LONDON -- A British drug company said on Tuesday it hoped to have a cannabis-based medicine ready to be prescribed by doctors within three to four years.
Sufferers from diseases such as multiple sclerosis, which attacks the central nervous system, have been calling for a pain-relieving cannabis medicine for years and many have broken the law by buying the drug from street dealers.
GW Pharmaceuticals said it was making progress in clinical studies with cannabis-based medicines.
A small group of volunteers had been taking cannabis under clinical conditions in order to determine the best dose. Some had taken cannabis lozenges which dissolve under the tongue while others used an inhaler.
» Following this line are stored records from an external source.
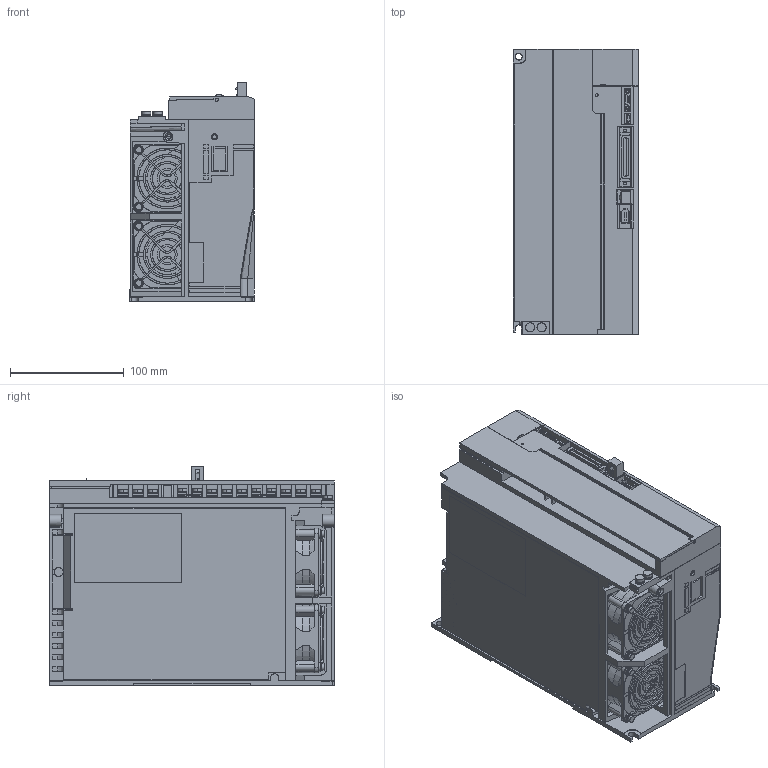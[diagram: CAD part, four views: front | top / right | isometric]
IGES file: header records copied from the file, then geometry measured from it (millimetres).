
Start section: SolidWorks IGES file using analytic representation for surfaces
Global section: file name: C:\YASKAWA\sgdv_8r4d0_a.IGS; native system: SolidWorks 2006 by SolidWorks Corporation; preprocessor: SolidWorks 2006 by SolidWorks Corporation; author: yamanouchi; date: 080617.173353; units: millimetre
Bounding box: 110.5 x 250 x 193 mm (x, y, z)
Surface area: 307088.8 mm2 (no closed solid volume)
Topology: 0 solids, 0 shells, 2410 faces, 24771 edges, 24771 vertices
Faces by surface type: bspline 1889, revolution 521
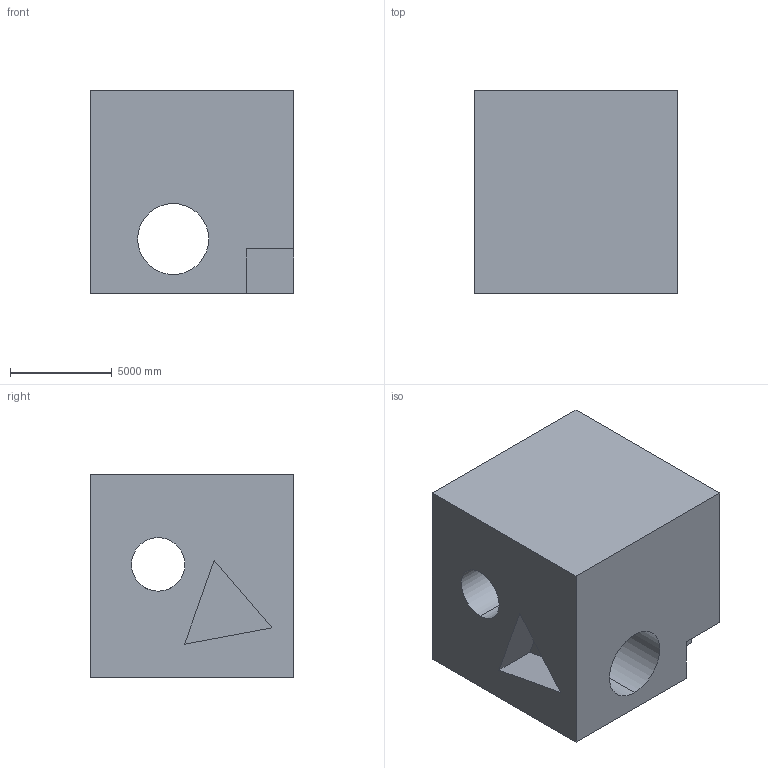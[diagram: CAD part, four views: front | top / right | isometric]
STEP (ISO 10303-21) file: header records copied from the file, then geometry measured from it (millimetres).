
FILE_DESCRIPTION (( 'STEP AP203' ), '1' );
FILE_NAME ('263.STEP', '2022-09-07T12:30:22', ( 'user' ), ( '' ), 'SwSTEP 2.0', 'SolidWorks 2021', '' );
FILE_SCHEMA (( 'CONFIG_CONTROL_DESIGN' ));
Length unit declared in the file: centimetre
Products named in the file (1): 263
Bounding box: 10000 x 10000 x 10000 mm (x, y, z)
Volume: 822165699255.9 mm3; surface area: 787247397.9 mm2
Topology: 1 solids, 1 shells, 17 faces, 48 edges, 32 vertices
Faces by surface type: plane 13, cylinder 4
Entity records: 875 total; most frequent: CARTESIAN_POINT 342, ORIENTED_EDGE 96, DIRECTION 88, EDGE_CURVE 48, VECTOR 36, LINE 36, VERTEX_POINT 32, AXIS2_PLACEMENT_3D 26
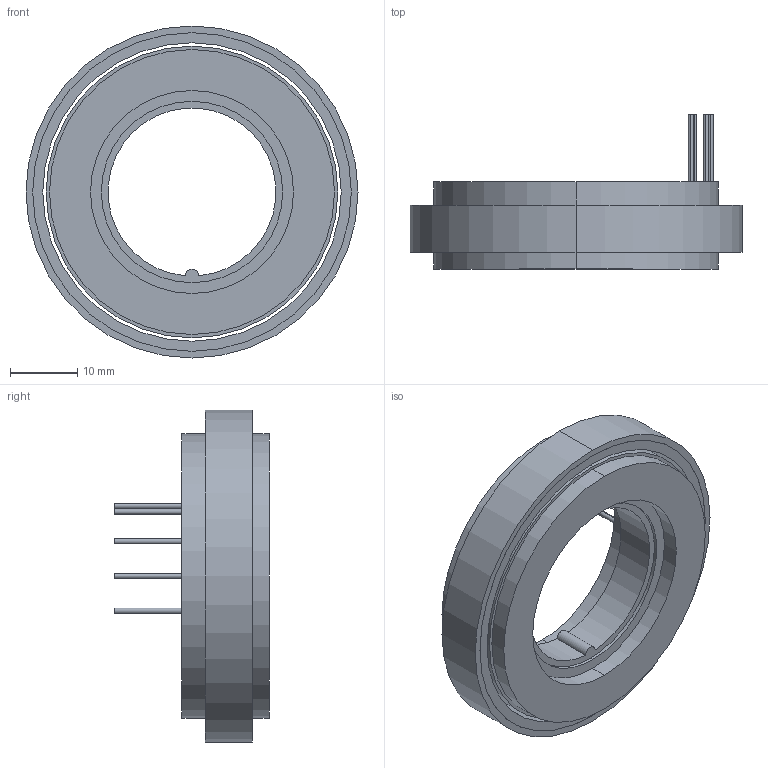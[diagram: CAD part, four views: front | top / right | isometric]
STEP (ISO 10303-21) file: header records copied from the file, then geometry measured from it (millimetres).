
FILE_DESCRIPTION (( 'STEP AP214' ), '1' );
FILE_NAME ('UE4913µç»ú.STEP', '2026-03-11T05:58:04', ( 'Windows User' ), ( 'P R C' ), 'SwSTEP 2.0', 'SolidWorks 2023', '' );
FILE_SCHEMA (( 'AUTOMOTIVE_DESIGN' ));
Length unit declared in the file: millimetre
Products named in the file (1): UE4913电机
Bounding box: 49.4 x 23 x 49.4 mm (x, y, z)
Volume: 13620 mm3; surface area: 7790.7 mm2
Topology: 2 solids, 2 shells, 51 faces, 102 edges, 68 vertices
Faces by surface type: cylinder 34, plane 17
Entity records: 1404 total; most frequent: DIRECTION 274, CARTESIAN_POINT 222, ORIENTED_EDGE 204, AXIS2_PLACEMENT_3D 120, EDGE_CURVE 102, EDGE_LOOP 68, CIRCLE 68, VERTEX_POINT 68

Dr. Geoffrey Guy, chairman of GW Pharmaceuticals, said his company had carried out its first studies in which human subjects were given standardized extracts of cannabis.
"I am pleased to report that the progress of our development program from the laboratory to human clinical dosing has proceeded without problems," he added in a statement.
Guy said there was evidence that cannabis could relieve pain in multiple sclerosis, spinal cord injury, and neuralgia. His company will evaluate these uses in some 2,000 patients over the next two to three years.
GW Pharmaceuticals is licensed by the British Home Office to grow, possess, and supply cannabis for medical research.
If trials are successful, the Home Office will change the law to allow prescription of cannabis-based medicines, the company statement said.
GW has been growing cannabis in secure, computer-controlled greenhouses in the south of England.
Although the plants are the same as those grown for illegal recreational use -- cannabis sativa -- the trials are designed to maximize the drug's analgesic, or pain relieving, effect rather than to make subjects so high that they do not care about the pain.